Work required: Filter the material below down to the lines containing the word "CompositionType".

------ Exercise data ------

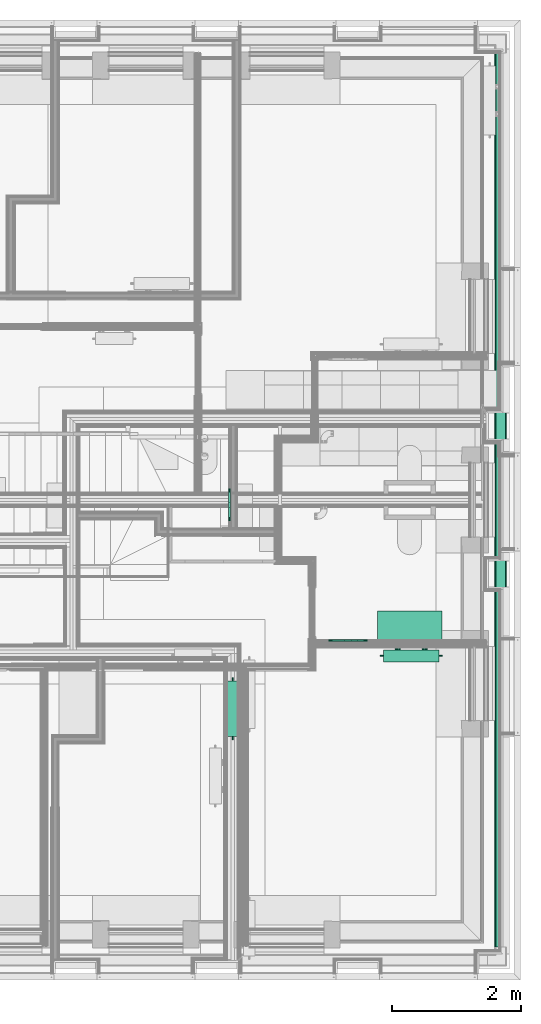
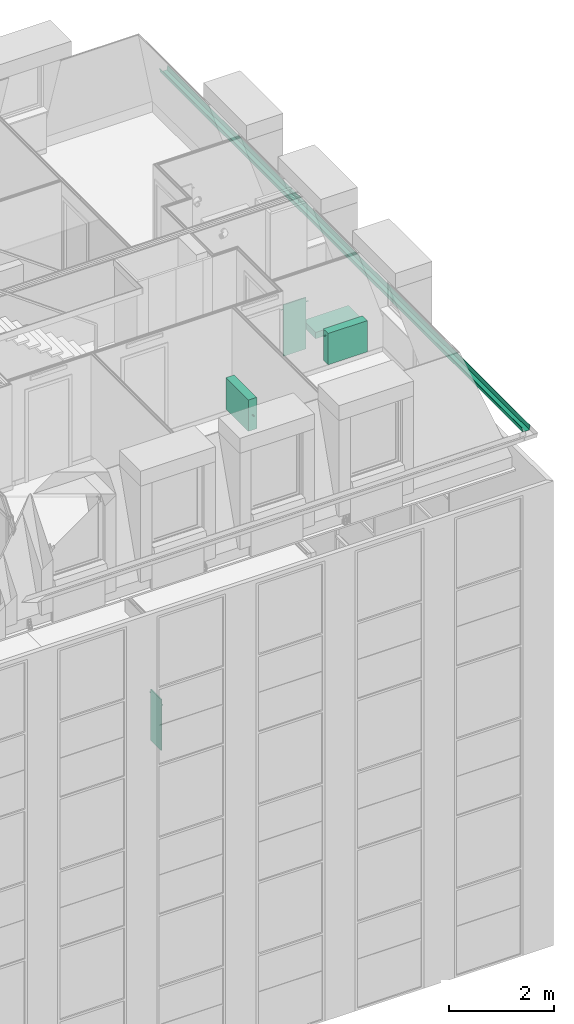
# One storey, part 152 of 169: 5 flow terminals, 1 flow fitting.
"""IFC2X3 building model written with IfcOpenShell, lengths in metres."""

from ifc_helpers import new_model, entity, si_unit, converted_unit, derived_unit, money_unit, direction, frame, origin_with_axes, place, context, subcontext, project, spatial, open_shell, faceted_brep, surface_model, material, type_object, element, save


model = new_model("IFC2X3")

# Units and contexts
model_context = context("Model", 3, precision=1e-05, world=origin_with_axes(), true_north=direction((0.0, 1.0)))
body_context = subcontext(model_context, "Body", "Model", "MODEL_VIEW", scale=1.0)
ifc_project = project(units=[si_unit("LENGTHUNIT", "METRE"), si_unit("AREAUNIT", "SQUARE_METRE"), si_unit("VOLUMEUNIT", "CUBIC_METRE"), si_unit("ABSORBEDDOSEUNIT", "GRAY"), si_unit("AMOUNTOFSUBSTANCEUNIT", "MOLE"), si_unit("DOSEEQUIVALENTUNIT", "SIEVERT"), si_unit("ELECTRICCAPACITANCEUNIT", "FARAD"), si_unit("ELECTRICCHARGEUNIT", "COULOMB"), si_unit("ELECTRICCONDUCTANCEUNIT", "SIEMENS"), si_unit("ELECTRICCURRENTUNIT", "AMPERE"), si_unit("ELECTRICRESISTANCEUNIT", "OHM"), si_unit("ELECTRICVOLTAGEUNIT", "VOLT"), si_unit("ENERGYUNIT", "JOULE"), si_unit("FORCEUNIT", "NEWTON"), si_unit("FREQUENCYUNIT", "HERTZ"), si_unit("ILLUMINANCEUNIT", "LUX"), si_unit("INDUCTANCEUNIT", "HENRY"), si_unit("LUMINOUSFLUXUNIT", "LUMEN"), si_unit("LUMINOUSINTENSITYUNIT", "CANDELA"), si_unit("MAGNETICFLUXDENSITYUNIT", "TESLA"), si_unit("MAGNETICFLUXUNIT", "WEBER"), si_unit("MASSUNIT", "GRAM"), converted_unit("PLANEANGLEUNIT", "degree", entity("IfcReal", 0.0174532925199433), si_unit("PLANEANGLEUNIT", "RADIAN"), dimensions=[0, 0, 0, 0, 0, 0, 0]), si_unit("POWERUNIT", "WATT"), si_unit("PRESSUREUNIT", "PASCAL"), si_unit("RADIOACTIVITYUNIT", "BECQUEREL"), si_unit("SOLIDANGLEUNIT", "STERADIAN"), si_unit("THERMODYNAMICTEMPERATUREUNIT", "KELVIN"), si_unit("TIMEUNIT", "SECOND"), derived_unit("ACCELERATIONUNIT", [(si_unit("LENGTHUNIT", "METRE"), 1), (si_unit("TIMEUNIT", "SECOND"), -2)]), derived_unit("ANGULARVELOCITYUNIT", [(converted_unit("PLANEANGLEUNIT", "degree", entity("IfcReal", 0.0174532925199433), si_unit("PLANEANGLEUNIT", "RADIAN"), dimensions=[0, 0, 0, 0, 0, 0, 0]), 1), (si_unit("TIMEUNIT", "SECOND"), -1)]), derived_unit("CURVATUREUNIT", [(converted_unit("PLANEANGLEUNIT", "degree", entity("IfcReal", 0.0174532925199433), si_unit("PLANEANGLEUNIT", "RADIAN"), dimensions=[0, 0, 0, 0, 0, 0, 0]), 1), (si_unit("LENGTHUNIT", "METRE"), -1)]), derived_unit("DYNAMICVISCOSITYUNIT", [(si_unit("PRESSUREUNIT", "PASCAL"), 1), (si_unit("TIMEUNIT", "SECOND"), 1)]), derived_unit("HEATFLUXDENSITYUNIT", [(si_unit("POWERUNIT", "WATT"), 1), (si_unit("LENGTHUNIT", "METRE"), -2)]), derived_unit("HEATINGVALUEUNIT", [(si_unit("ENERGYUNIT", "JOULE"), 1), (si_unit("MASSUNIT", "GRAM"), -1)]), derived_unit("INTEGERCOUNTRATEUNIT", [(si_unit("TIMEUNIT", "SECOND"), -1)]), derived_unit("IONCONCENTRATIONUNIT", [(si_unit("MASSUNIT", "GRAM"), 1), (si_unit("VOLUMEUNIT", "CUBIC_METRE"), -1)]), derived_unit("ISOTHERMALMOISTURECAPACITYUNIT", [(si_unit("VOLUMEUNIT", "CUBIC_METRE"), 1), (si_unit("MASSUNIT", "GRAM"), -1)]), derived_unit("KINEMATICVISCOSITYUNIT", [(si_unit("AREAUNIT", "SQUARE_METRE"), 1), (si_unit("TIMEUNIT", "SECOND"), -1)]), derived_unit("LINEARFORCEUNIT", [(si_unit("FORCEUNIT", "NEWTON"), 1), (si_unit("LENGTHUNIT", "METRE"), -1)]), derived_unit("LINEARMOMENTUNIT", [(si_unit("FORCEUNIT", "NEWTON"), 1), (si_unit("LENGTHUNIT", "METRE"), -1)]), derived_unit("LINEARSTIFFNESSUNIT", [(si_unit("FORCEUNIT", "NEWTON"), 1), (si_unit("LENGTHUNIT", "METRE"), -1)]), derived_unit("LINEARVELOCITYUNIT", [(si_unit("LENGTHUNIT", "METRE"), 1), (si_unit("TIMEUNIT", "SECOND"), -1)]), derived_unit("LUMINOUSINTENSITYDISTRIBUTIONUNIT", [(si_unit("LUMINOUSINTENSITYUNIT", "CANDELA"), 1), (si_unit("LUMINOUSFLUXUNIT", "LUMEN"), -1)]), derived_unit("MASSDENSITYUNIT", [(si_unit("MASSUNIT", "GRAM"), 1), (si_unit("VOLUMEUNIT", "CUBIC_METRE"), -1)]), derived_unit("MASSFLOWRATEUNIT", [(si_unit("MASSUNIT", "GRAM"), 1), (si_unit("TIMEUNIT", "SECOND"), -1)]), derived_unit("MASSPERLENGTHUNIT", [(si_unit("MASSUNIT", "GRAM"), 1), (si_unit("LENGTHUNIT", "METRE"), -1)]), derived_unit("MODULUSOFELASTICITYUNIT", [(si_unit("FORCEUNIT", "NEWTON"), 1), (si_unit("AREAUNIT", "SQUARE_METRE"), -1)]), derived_unit("MODULUSOFLINEARSUBGRADEREACTIONUNIT", [(si_unit("FORCEUNIT", "NEWTON"), 1), (si_unit("LENGTHUNIT", "METRE"), -2)]), derived_unit("MODULUSOFROTATIONALSUBGRADEREACTIONUNIT", [(si_unit("FORCEUNIT", "NEWTON"), 1), (si_unit("LENGTHUNIT", "METRE"), 1)]), derived_unit("MODULUSOFSUBGRADEREACTIONUNIT", [(si_unit("FORCEUNIT", "NEWTON"), 1), (si_unit("VOLUMEUNIT", "CUBIC_METRE"), -1)]), derived_unit("MOISTUREDIFFUSIVITYUNIT", [(si_unit("VOLUMEUNIT", "CUBIC_METRE"), 1), (si_unit("TIMEUNIT", "SECOND"), -1)]), derived_unit("MOLECULARWEIGHTUNIT", [(si_unit("MASSUNIT", "GRAM"), 1), (si_unit("AMOUNTOFSUBSTANCEUNIT", "MOLE"), -1)]), derived_unit("PLANARFORCEUNIT", [(si_unit("FORCEUNIT", "NEWTON"), 1), (si_unit("LENGTHUNIT", "METRE"), -2)]), derived_unit("ROTATIONALFREQUENCYUNIT", [(si_unit("TIMEUNIT", "SECOND"), -1)]), derived_unit("ROTATIONALMASSUNIT", [(si_unit("MASSUNIT", "GRAM"), 1), (si_unit("LENGTHUNIT", "METRE"), 2)]), derived_unit("ROTATIONALSTIFFNESSUNIT", [(si_unit("FORCEUNIT", "NEWTON"), 1), (si_unit("LENGTHUNIT", "METRE"), 1), (converted_unit("PLANEANGLEUNIT", "degree", entity("IfcReal", 0.0174532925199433), si_unit("PLANEANGLEUNIT", "RADIAN"), dimensions=[0, 0, 0, 0, 0, 0, 0]), -1)]), derived_unit("SECTIONAREAINTEGRALUNIT", [(si_unit("LENGTHUNIT", "METRE"), 5)]), derived_unit("SECTIONMODULUSUNIT", [(si_unit("LENGTHUNIT", "METRE"), 3)]), derived_unit("SHEARMODULUSUNIT", [(si_unit("FORCEUNIT", "NEWTON"), 1), (si_unit("AREAUNIT", "SQUARE_METRE"), -1)]), derived_unit("SOUNDPOWERUNIT", [(si_unit("ENERGYUNIT", "JOULE"), 1), (si_unit("TIMEUNIT", "SECOND"), -1)]), derived_unit("SPECIFICHEATCAPACITYUNIT", [(si_unit("FORCEUNIT", "NEWTON"), 1), (si_unit("MASSUNIT", "GRAM"), -1), (si_unit("THERMODYNAMICTEMPERATUREUNIT", "KELVIN"), -1)]), derived_unit("TEMPERATUREGRADIENTUNIT", [(si_unit("THERMODYNAMICTEMPERATUREUNIT", "KELVIN"), 1), (si_unit("LENGTHUNIT", "METRE"), -1)]), derived_unit("THERMALADMITTANCEUNIT", [(si_unit("POWERUNIT", "WATT"), 1), (si_unit("AREAUNIT", "SQUARE_METRE"), -1), (si_unit("THERMODYNAMICTEMPERATUREUNIT", "KELVIN"), -1)]), derived_unit("THERMALCONDUCTANCEUNIT", [(si_unit("POWERUNIT", "WATT"), 1), (si_unit("LENGTHUNIT", "METRE"), -1), (si_unit("THERMODYNAMICTEMPERATUREUNIT", "KELVIN"), -1)]), derived_unit("THERMALEXPANSIONCOEFFICIENTUNIT", [(si_unit("THERMODYNAMICTEMPERATUREUNIT", "KELVIN"), -1)]), derived_unit("THERMALRESISTANCEUNIT", [(si_unit("AREAUNIT", "SQUARE_METRE"), 1), (si_unit("POWERUNIT", "WATT"), -1)]), derived_unit("THERMALTRANSMITTANCEUNIT", [(si_unit("POWERUNIT", "WATT"), 1), (si_unit("AREAUNIT", "SQUARE_METRE"), -1), (si_unit("THERMODYNAMICTEMPERATUREUNIT", "KELVIN"), -1)]), derived_unit("TORQUEUNIT", [(si_unit("FORCEUNIT", "NEWTON"), 1), (si_unit("LENGTHUNIT", "METRE"), 1)]), derived_unit("VAPORPERMEABILITYUNIT", [(si_unit("MASSUNIT", "GRAM"), 1), (si_unit("TIMEUNIT", "SECOND"), -1)]), derived_unit("VOLUMETRICFLOWRATEUNIT", [(si_unit("VOLUMEUNIT", "CUBIC_METRE"), 1), (si_unit("TIMEUNIT", "SECOND"), -1)]), derived_unit("WARPINGCONSTANTUNIT", [(si_unit("LENGTHUNIT", "METRE"), 6)]), derived_unit("WARPINGMOMENTUNIT", [(si_unit("FORCEUNIT", "NEWTON"), 1), (si_unit("LENGTHUNIT", "METRE"), 2)]), money_unit("GBP")], contexts=[model_context])

# Site, building, storey
site_placement = place(None, origin_with_axes())
site = spatial("IfcSite", under=ifc_project, at=site_placement, Name="Site", CompositionType="ELEMENT")
building_placement = place(site_placement, origin_with_axes())
building = spatial("IfcBuilding", under=site, at=building_placement, Name="Building01", CompositionType="ELEMENT")
storey_placement = place(building_placement, frame((0.0, 0.0, 5.15), z_axis=(0.0, 0.0, 1.0), x_axis=(1.0, 0.0, 0.0)))
storey = spatial("IfcBuildingStorey", under=building, at=storey_placement, Name="1F", CompositionType="ELEMENT", Elevation=5.15)

# Flow fitting
ifc_material_1 = material(Name="A_BSUK_RainwaterDrainageSystems")
pipe_fitting_type = type_object("IfcPipeFittingType", Name="A-RainwaterDrainageSystems-GutterStraight", PredefinedType="NOTDEFINED")
flow_fitting_placement = place(storey_placement, frame((26.576848, 14.385347, 10.629268), z_axis=(0.0, 0.0, 1.0), x_axis=(0.0, -1.0, 0.0)))
element("IfcFlowFitting", 1, at=flow_fitting_placement, inside=storey, type_object=pipe_fitting_type, material=ifc_material_1, Name="A-RainwaterDrainageSystems-GutterStraight", ObjectType="A-RainwaterDrainageSystems-GutterStraight", context=body_context, shape_type="Brep", body=[
    faceted_brep([(13.871001, 0.0, 0.100732), (1e-06, 0.0, 0.100732), (1e-06, 0.0, 0.099144), (13.871001, 0.0, 0.099145), (13.871001, 0.005654, 0.099145), (1e-06, 0.005654, 0.099144), (1e-06, 0.018707, 0.0), (13.871001, 0.018707, 0.0), (1e-06, 0.170099, 0.0), (13.871001, 0.170099, 0.0), (1e-06, 0.183152, 0.099144), (13.871001, 0.183152, 0.099145), (1e-06, 0.188806, 0.099144), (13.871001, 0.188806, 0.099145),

------

Output for this exercise:
site = spatial("IfcSite", under=ifc_project, at=site_placement, Name="Site", CompositionType="ELEMENT")
building = spatial("IfcBuilding", under=site, at=building_placement, Name="Building01", CompositionType="ELEMENT")
storey = spatial("IfcBuildingStorey", under=building, at=storey_placement, Name="1F", CompositionType="ELEMENT", Elevation=5.15)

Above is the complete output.